*SOURCE MATERIAL:*
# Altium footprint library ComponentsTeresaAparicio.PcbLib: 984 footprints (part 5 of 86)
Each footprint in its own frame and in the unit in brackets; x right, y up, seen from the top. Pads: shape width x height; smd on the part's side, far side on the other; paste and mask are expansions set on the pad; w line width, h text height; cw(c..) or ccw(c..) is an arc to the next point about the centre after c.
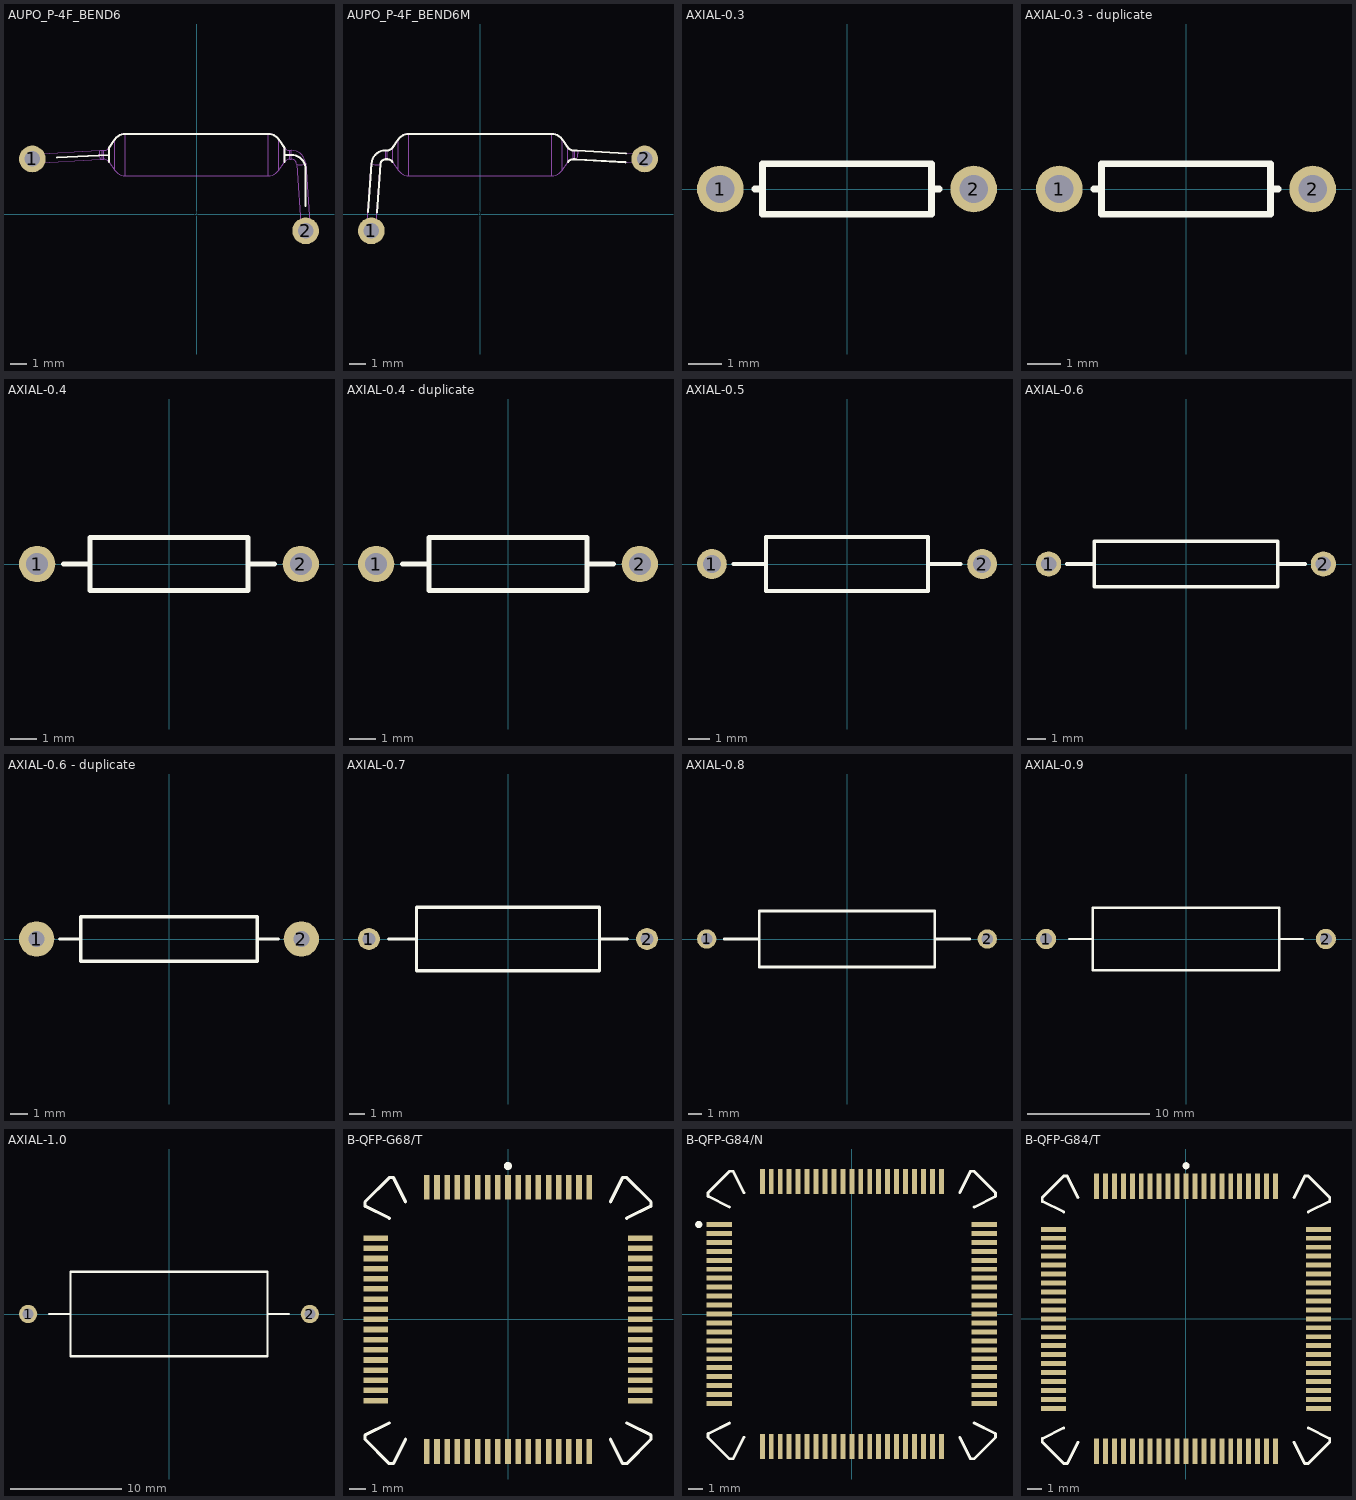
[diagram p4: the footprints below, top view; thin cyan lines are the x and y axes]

## AUPO_P-4F_BEND6 [mil] "Aupo P-4F TCO for positioning on IC legs"
height 100
pads (3):
  round 19.68 on Mech14: 0(0,0)
  round 65 / inner round 65 / far side round 90 hole 38: 1(-400,135) 2(265,-40)
Top Overlay:
  lines w5: -340.17,138.21 -213.48,145 ; -213.48,127.46 -213.48,162.54 -199.33,182.75 cw(c-173.53,164.69) -173.53,196.18 173.53,196.18 cw(c173.53,164.69) 199.33,182.75 213.48,162.54 213.48,127.46 ; 213.48,145 230,145 cw(c230,110) 265,110 265,20
Mechanical 13:
  lines w1.97: -381.43,146.96 ccw(c-359.97,137.39) -380.14,125.34 ; 252.86,-21.08 ccw(c262.11,4.31) 274.45,-19.73 274.46,-19.61 ; -235.55,155.67 ccw(c-214.1,146.11) -234.26,134.06 ; -235.55,155.67 -400.65,145.81 ccw(c-400,135) -399.35,124.19 -234.26,134.06 ; -235.55,155.67 -232.3,155.8 -230.32,155.83 ; -234.26,134.06 -232.78,134.13 -230.32,134.17 ; -230.32,134.17 -230.32,155.83 ; -230.32,134.17 -226.38,134.17 ; -230.32,155.83 -226.38,155.83 ; -226.38,134.17 cw(c-226.38,118.43) -213.48,127.46 ; -226.38,134.17 -226.38,155.83 ; -226.38,155.83 ccw(c-226.38,171.57) -213.48,162.54 ; -213.48,127.46 -199.33,107.25 ; -213.48,127.46 -213.48,162.54 ; -213.48,162.54 -199.33,182.75 ; -199.33,107.25 ccw(c-173.53,125.31) -173.53,93.82 ; -199.33,107.25 -199.33,182.75 ; -199.33,182.75 cw(c-173.53,164.69) -173.53,196.18 ; -173.53,93.82 -173.53,196.18 ; -173.53,93.82 173.53,93.82 ; -173.53,196.18 173.53,196.18 ; 173.53,93.82 ccw(c173.53,125.31) 199.33,107.25 ; 173.53,93.82 173.53,196.18 ; 173.53,196.18 cw(c173.53,164.69) 199.33,182.75 ; 199.33,107.25 199.33,182.75 ; 199.33,107.25 213.48,127.46 ; 199.33,182.75 213.48,162.54 ; 213.48,127.46 cw(c226.38,118.43) 226.38,134.17 ; 213.48,127.46 213.48,162.54 ; 213.48,162.54 ccw(c226.38,171.57) 226.38,155.83 ; 226.38,134.17 226.38,155.83 ; 226.38,134.17 230.32,134.17 ; 226.38,155.83 230.32,155.83 ; 230.32,134.17 cw(c230.47,121.52) 243.08,122.53 ; 230.32,134.17 230.32,155.83 ; 230.32,155.83 cw(c230.46,121.51) 264.69,124 ; 243.08,122.53 ccw(c252.33,147.93) 264.67,123.88 264.69,124 ; 243.08,122.53 254.2,-40.74 ccw(c265,-40) 275.83,-40 275.8,-39.26 264.69,124
3D body: height 40, standoff 0, extent -445,90.09 -355.36,179.91
3D body: height 102.87, standoff -99.49, extent -410.74,-50.8 275.83,196.09
3D body: height 40, standoff 0, extent 219.99,-84.91 309.64,4.91

## AUPO_P-4F_BEND6M [mil] "Aupo P-4F TCO for positioning on IC legs"
height 100
pads (3):
  round 19.68 on Mech14: 0(0,0)
  round 65 / inner round 65 / far side round 90 hole 38: 1(-265,-40) 2(400,135)
Top Overlay:
  lines w5: -272.66,6.54 -264.69,124.01 cw(c-230.48,121.53) -230.32,155.83 -226.38,155.83 ccw(c-226.38,171.57) -213.48,162.54 -199.33,182.75 cw(c-173.53,164.69) -173.53,196.18 173.53,196.18 cw(c173.53,164.69) 199.33,182.75 213.48,162.54 ccw(c226.38,171.57) 226.38,155.83 230.32,155.83 233.67,155.76 235.64,155.67 354.91,148.54 ; -251.05,5.07 -243.08,122.54 cw(c-230.46,121.51) -230.32,134.17 -226.38,134.17 cw(c-226.38,118.43) -213.48,127.46 ; 213.48,127.46 cw(c226.38,118.43) 226.38,134.17 230.32,134.17 231.82,134.16 234.34,134.05 353.62,126.93
Mechanical 13:
  lines w1.97: -274.43,-19.69 ccw(c-262.06,2.73) -252.83,-21.16 ; 380.23,125.34 ccw(c367.39,134.41) 382.95,136.67 383.02,139.06 382.98,141.3 382.83,143.28 382.58,144.91 382.25,146.1 381.85,146.78 381.52,146.95 ; -264.69,124.01 ccw(c-252.3,146.47) -243.08,122.54 ; -264.69,124.01 cw(c-230.48,121.53) -230.32,155.83 ; -264.69,124.01 -275.76,-39.27 ccw(c-264.96,-40) -254.16,-40.73 -243.08,122.54 ; -243.08,122.54 cw(c-230.46,121.51) -230.32,134.17 ; -230.32,134.17 -230.32,155.83 ; -230.32,134.17 -226.38,134.17 ; -230.32,155.83 -226.38,155.83 ; -226.38,134.17 cw(c-226.38,118.43) -213.48,127.46 ; -226.38,134.17 -226.38,155.83 ; -226.38,155.83 ccw(c-226.38,171.57) -213.48,162.54 ; -213.48,127.46 -213.48,162.54 ; -213.48,127.46 -199.33,107.25 ; -213.48,162.54 -199.33,182.75 ; -199.33,107.25 ccw(c-173.53,125.31) -173.53,93.82 ; -199.33,107.25 -199.33,182.75 ; -199.33,182.75 cw(c-173.53,164.69) -173.53,196.18 ; -173.53,93.82 -173.53,196.18 ; -173.53,93.82 173.53,93.82 ; -173.53,196.18 173.53,196.18 ; 173.53,93.82 ccw(c173.53,125.31) 199.33,107.25 ; 173.53,93.82 173.53,196.18 ; 173.53,196.18 cw(c173.53,164.69) 199.33,182.75 ; 199.33,107.25 199.33,182.75 ; 199.33,107.25 213.48,127.46 ; 199.33,182.75 213.48,162.54 ; 213.48,127.46 cw(c226.38,118.43) 226.38,134.17 ; 213.48,127.46 213.48,162.54 ; 213.48,162.54 ccw(c226.38,171.57) 226.38,155.83 ; 226.38,134.17 226.38,155.83 ; 226.38,134.17 230.32,134.17 ; 226.38,155.83 230.32,155.83 ; 230.32,134.17 230.32,155.83 ; 230.32,134.17 231.82,134.16 234.34,134.05 ; 230.32,155.83 233.67,155.76 235.64,155.67 ; 234.34,134.05 ccw(c221.51,143.13) 237.07,145.38 237.13,147.77 237.09,150.02 236.94,152 236.69,153.63 236.36,154.82 235.96,155.5 235.64,155.67 ; 234.34,134.05 399.35,124.19 ccw(c400,135) 400.65,145.81 235.64,155.67
3D body: height 40, standoff 0, extent -309.64,-84.91 -220,4.92
3D body: height 102.95, standoff -100, extent -275.7,-50.8 410.83,196.09
3D body: height 40, standoff 0, extent 355.36,90.1 445,179.92

## AXIAL-0.3 [mm] "Axial Device, Thru-Hole; 2 Leads; 0.3 in Pin Spacing"
height 1.524
pads (2):
  round 1.4 hole 0.85: 1(-3.81,0) 2(3.81,0)
Top Overlay:
  lines w0.2: -2.769,0 -2.54,0 ; 2.769,0 2.54,0 ; 2.54,0 2.54,0.762 -2.54,0.762 -2.54,-0.762 2.54,-0.762 2.54,0

## AXIAL-0.3 - duplicate [mm] "Axial Device, Thru-Hole; 2 Leads; 0.3 in Pin Spacing"
height 1.524
pads (2):
  round 1.4 hole 0.85: 1(-3.81,0) 2(3.81,0)
Top Overlay:
  lines w0.2: -2.769,0 -2.54,0 ; 2.769,0 2.54,0 ; 2.54,0 2.54,0.762 -2.54,0.762 -2.54,-0.762 2.54,-0.762 2.54,0

## AXIAL-0.4 [mm] "Axial Device, Thru-Hole; 2 Leads; 0.4 in Pin Spacing"
height 2.032
pads (2):
  round 1.4 hole 0.85: 1(-5.08,0) 2(5.08,0)
Top Overlay:
  lines w0.2: -4.064,0 -3.048,0 ; 3.048,0 4.064,0 ; -3.048,-1.016 -3.048,1.016 3.048,1.016 3.048,-1.016 -3.048,-1.016

## AXIAL-0.4 - duplicate [mm] "Axial Device, Thru-Hole; 2 Leads; 0.4 in Pin Spacing"
height 2.032
pads (2):
  round 1.4 hole 0.85: 1(-5.08,0) 2(5.08,0)
Top Overlay:
  lines w0.2: -4.064,0 -3.048,0 ; 3.048,0 4.064,0 ; -3.048,-1.016 3.048,-1.016 3.048,1.016 -3.048,1.016 -3.048,-1.016
3D body: height 3.2, standoff -1.25, extent -5.15,-1.13 5.15,1.27

## AXIAL-0.5 [mm] "Axial Device, Thru-Hole; 2 Leads; 0.5 in Pin Spacing"
height 2.54
pads (2):
  round 1.4 hole 0.85: 1(-6.35,0) 2(6.35,0)
Top Overlay:
  lines w0.2: -5.334,0 -3.81,0 ; 3.81,0 5.334,0 ; -3.81,-1.27 -3.81,1.27 3.81,1.27 3.81,-1.27 -3.81,-1.27

## AXIAL-0.6 [mm] "Axial Device, Thru-Hole; 2 Leads; 0.6 in Pin Spacing"
height 2.54
pads (2):
  round 1.4 hole 0.85: 1(-7.62,0) 2(7.62,0)
Top Overlay:
  lines w0.2: -6.604,0 -5.08,0 ; 5.08,0 6.604,0 ; -5.08,-1.27 5.08,-1.27 5.08,1.27 -5.08,1.27 -5.08,-1.27

## AXIAL-0.6 - duplicate [mil] "Axial Device, Thru-Hole; 2 Leads; 0.6 in Pin Spacing"
height 100
pads (2):
  round 80 hole 36: 1(-300,0) 2(300,0)
Top Overlay:
  lines w7.87: -248.03,0 -200,0 ; 200,0 248.03,0 ; -200,-50 -200,50 200,50 200,-50 -200,-50
3D body: height 102.76, standoff -98.43, extent -311.8,-51.57 311.82,51.58

## AXIAL-0.7 [mm] "Axial Device, Thru-Hole; 2 Leads; 0.7 in Pin Spacing"
height 4.064
pads (2):
  round 1.4 hole 0.85: 1(-8.89,0) 2(8.89,0)
Top Overlay:
  lines w0.2: -7.62,0 -5.842,0 ; 5.842,0 7.62,0 ; -5.842,-2.032 5.842,-2.032 5.842,2.032 -5.842,2.032 -5.842,-2.032

## AXIAL-0.8 [mm] "Axial Device, Thru-Hole; 2 Leads; 0.8 in Pin Spacing"
height 4.064
pads (2):
  round 1.4 hole 0.85: 1(-10.16,0) 2(10.16,0)
Top Overlay:
  lines w0.2: -8.89,0 -6.35,0 ; 6.35,0 8.89,0 ; -6.35,-2.032 -6.35,2.032 6.35,2.032 6.35,-2.032 -6.35,-2.032

## AXIAL-0.9 [mm] "Axial Device, Thru-Hole; 2 Leads; 0.9 in Pin Spacing"
height 5.08
pads (2):
  round 1.65 hole 1: 1(-11.43,0) 2(11.43,0)
Top Overlay:
  lines w0.2: -9.525,0 -7.62,0 ; 7.62,0 9.525,0 ; -7.62,-2.54 7.62,-2.54 7.62,2.54 -7.62,2.54 -7.62,-2.54

## AXIAL-1.0 [mm] "Axial Device, Thru-Hole; 2 Leads; 1.0 in Pin Spacing"
height 7.62
pads (2):
  round 1.65 hole 1: 1(-12.7,0) 2(12.7,0)
Top Overlay:
  lines w0.2: -10.795,0 -8.89,0 ; 8.89,0 10.795,0 ; -8.89,-3.81 -8.89,3.81 8.89,3.81 8.89,-3.81 -8.89,-3.81

## B-QFP-G68/T [mm] "PQFP; 68 Leads; Body 14 x 14 mm; Pitch 0.635 mm"
height 3.04
pads (68):
  rect 0.35x1.55 smd: 1(0,8.275) 2(-0.635,8.275) 3(-1.27,8.275) 4(-1.905,8.275) 5(-2.54,8.275) 6(-3.175,8.275) 7(-3.81,8.275) 8(-4.445,8.275) 9(-5.08,8.275) 27(-5.08,-8.275) 28(-4.445,-8.275) 29(-3.81,-8.275) 30(-3.175,-8.275) 31(-2.54,-8.275) 32(-1.905,-8.275) 33(-1.27,-8.275) 34(-0.635,-8.275) 35(0,-8.275) 36(0.635,-8.275) 37(1.27,-8.275) 38(1.905,-8.275) 39(2.54,-8.275) 40(3.175,-8.275) 41(3.81,-8.275) 42(4.445,-8.275) 43(5.08,-8.275) 61(5.08,8.275) 62(4.445,8.275) 63(3.81,8.275) 64(3.175,8.275) 65(2.54,8.275) 66(1.905,8.275) 67(1.27,8.275) 68(0.635,8.275)
  rect 1.55x0.35 smd: 10(-8.275,5.08) 11(-8.275,4.445) 12(-8.275,3.81) 13(-8.275,3.175) 14(-8.275,2.54) 15(-8.275,1.905) 16(-8.275,1.27) 17(-8.275,0.635) 18(-8.275,0) 19(-8.275,-0.635) 20(-8.275,-1.27) 21(-8.275,-1.905) 22(-8.275,-2.54) 23(-8.275,-3.175) 24(-8.275,-3.81) 25(-8.275,-4.445) 26(-8.275,-5.08) 44(8.275,-5.08) 45(8.275,-4.445) 46(8.275,-3.81) 47(8.275,-3.175) 48(8.275,-2.54) 49(8.275,-1.905) 50(8.275,-1.27) 51(8.275,-0.635) 52(8.275,0) 53(8.275,0.635) 54(8.275,1.27) 55(8.275,1.905) 56(8.275,2.54) 57(8.275,3.175) 58(8.275,3.81) 59(8.275,4.445) 60(8.275,5.08)
Top Overlay:
  circle w0.25: c0,9.6 r0.125
  lines w0.2: -8.95,-7.247 -7.426,-6.485 ; -8.95,-7.229 -8.95,-7.501 -7.426,-9.025 -7.172,-9.025 -6.41,-7.501 ; -8.95,7.079 -8.95,7.351 -7.426,8.875 -7.172,8.875 -6.41,7.351 ; -8.95,7.097 -7.426,6.335 ; 6.41,-7.501 7.172,-9.025 7.426,-9.025 8.95,-7.501 8.95,-7.229 ; 6.41,7.351 7.172,8.875 7.426,8.875 8.95,7.351 8.95,7.079 ; 7.426,-6.485 8.95,-7.247 ; 7.426,6.335 8.95,7.097

## B-QFP-G84/N [mm] "PQFP; 84 Leads; Body 16.5 x 16.5 mm; Pitch 0.635 mm"
height 4.57
pads (84):
  rect 1.8x0.35 smd: 1(-9.4,6.35) 2(-9.4,5.715) 3(-9.4,5.08) 4(-9.4,4.445) 5(-9.4,3.81) 6(-9.4,3.175) 7(-9.4,2.54) 8(-9.4,1.905) 9(-9.4,1.27) 10(-9.4,0.635) 11(-9.4,0) 12(-9.4,-0.635) 13(-9.4,-1.27) 14(-9.4,-1.905) 15(-9.4,-2.54) 16(-9.4,-3.175) 17(-9.4,-3.81) 18(-9.4,-4.445) 19(-9.4,-5.08) 20(-9.4,-5.715) 21(-9.4,-6.35) 43(9.4,-6.35) 44(9.4,-5.715) 45(9.4,-5.08) 46(9.4,-4.445) 47(9.4,-3.81) 48(9.4,-3.175) 49(9.4,-2.54) 50(9.4,-1.905) 51(9.4,-1.27) 52(9.4,-0.635) 53(9.4,0) 54(9.4,0.635) 55(9.4,1.27) 56(9.4,1.905) 57(9.4,2.54) 58(9.4,3.175) 59(9.4,3.81) 60(9.4,4.445) 61(9.4,5.08) 62(9.4,5.715) 63(9.4,6.35)
  rect 0.35x1.8 smd: 22(-6.35,-9.4) 23(-5.715,-9.4) 24(-5.08,-9.4) 25(-4.445,-9.4) 26(-3.81,-9.4) 27(-3.175,-9.4) 28(-2.54,-9.4) 29(-1.905,-9.4) 30(-1.27,-9.4) 31(-0.635,-9.4) 32(0,-9.4) 33(0.635,-9.4) 34(1.27,-9.4) 35(1.905,-9.4) 36(2.54,-9.4) 37(3.175,-9.4) 38(3.81,-9.4) 39(4.445,-9.4) 40(5.08,-9.4) 41(5.715,-9.4) 42(6.35,-9.4) 64(6.35,9.4) 65(5.715,9.4) 66(5.08,9.4) 67(4.445,9.4) 68(3.81,9.4) 69(3.175,9.4) 70(2.54,9.4) 71(1.905,9.4) 72(1.27,9.4) 73(0.635,9.4) 74(0,9.4) 75(-0.635,9.4) 76(-1.27,9.4) 77(-1.905,9.4) 78(-2.54,9.4) 79(-3.175,9.4) 80(-3.81,9.4) 81(-4.445,9.4) 82(-5.08,9.4) 83(-5.715,9.4) 84(-6.35,9.4)
Top Overlay:
  circle w0.25: c-10.86,6.35 r0.125
  lines w0.2: -10.2,-8.497 -8.676,-7.735 ; -10.2,-8.479 -10.2,-8.751 -8.676,-10.275 -8.422,-10.275 -7.66,-8.751 ; -10.2,8.329 -10.2,8.601 -8.676,10.125 -8.422,10.125 -7.66,8.601 ; -10.2,8.347 -8.676,7.585 ; 7.66,-8.751 8.422,-10.275 8.676,-10.275 10.2,-8.751 10.2,-8.479 ; 7.66,8.601 8.422,10.125 8.676,10.125 10.2,8.601 10.2,8.329 ; 8.676,-7.735 10.2,-8.497 ; 8.676,7.585 10.2,8.347

## B-QFP-G84/T [mm] "PQFP; 84 Leads; Body 16.5 x 16.5 mm; Pitch 0.635 mm"
height 4.57
pads (84):
  rect 0.35x1.8 smd: 1(0,9.4) 2(-0.635,9.4) 3(-1.27,9.4) 4(-1.905,9.4) 5(-2.54,9.4) 6(-3.175,9.4) 7(-3.81,9.4) 8(-4.445,9.4) 9(-5.08,9.4) 10(-5.715,9.4) 11(-6.35,9.4) 33(-6.35,-9.4) 34(-5.715,-9.4) 35(-5.08,-9.4) 36(-4.445,-9.4) 37(-3.81,-9.4) 38(-3.175,-9.4) 39(-2.54,-9.4) 40(-1.905,-9.4) 41(-1.27,-9.4) 42(-0.635,-9.4) 43(0,-9.4) 44(0.635,-9.4) 45(1.27,-9.4) 46(1.905,-9.4) 47(2.54,-9.4) 48(3.175,-9.4) 49(3.81,-9.4) 50(4.445,-9.4) 51(5.08,-9.4) 52(5.715,-9.4) 53(6.35,-9.4) 75(6.35,9.4) 76(5.715,9.4) 77(5.08,9.4) 78(4.445,9.4) 79(3.81,9.4) 80(3.175,9.4) 81(2.54,9.4) 82(1.905,9.4) 83(1.27,9.4) 84(0.635,9.4)
  rect 1.8x0.35 smd: 12(-9.4,6.35) 13(-9.4,5.715) 14(-9.4,5.08) 15(-9.4,4.445) 16(-9.4,3.81) 17(-9.4,3.175) 18(-9.4,2.54) 19(-9.4,1.905) 20(-9.4,1.27) 21(-9.4,0.635) 22(-9.4,0) 23(-9.4,-0.635) 24(-9.4,-1.27) 25(-9.4,-1.905) 26(-9.4,-2.54) 27(-9.4,-3.175) 28(-9.4,-3.81) 29(-9.4,-4.445) 30(-9.4,-5.08) 31(-9.4,-5.715) 32(-9.4,-6.35) 54(9.4,-6.35) 55(9.4,-5.715) 56(9.4,-5.08) 57(9.4,-4.445) 58(9.4,-3.81) 59(9.4,-3.175) 60(9.4,-2.54) 61(9.4,-1.905) 62(9.4,-1.27) 63(9.4,-0.635) 64(9.4,0) 65(9.4,0.635) 66(9.4,1.27) 67(9.4,1.905) 68(9.4,2.54) 69(9.4,3.175) 70(9.4,3.81) 71(9.4,4.445) 72(9.4,5.08) 73(9.4,5.715) 74(9.4,6.35)
Top Overlay:
  circle w0.25: c0,10.86 r0.125
  lines w0.2: -10.2,-8.497 -8.676,-7.735 ; -10.2,-8.479 -10.2,-8.751 -8.676,-10.275 -8.422,-10.275 -7.66,-8.751 ; -10.2,8.329 -10.2,8.601 -8.676,10.125 -8.422,10.125 -7.66,8.601 ; -10.2,8.347 -8.676,7.585 ; 7.66,-8.751 8.422,-10.275 8.676,-10.275 10.2,-8.751 10.2,-8.479 ; 7.66,8.601 8.422,10.125 8.676,10.125 10.2,8.601 10.2,8.329 ; 8.676,-7.735 10.2,-8.497 ; 8.676,7.585 10.2,8.347

*EXERCISE INSTRUCTIONS:* Scan the material above for the string "positioning", returning each line that contains it.

*EXERCISE ANSWER:*
## AUPO_P-4F_BEND6 [mil] "Aupo P-4F TCO for positioning on IC legs"
## AUPO_P-4F_BEND6M [mil] "Aupo P-4F TCO for positioning on IC legs"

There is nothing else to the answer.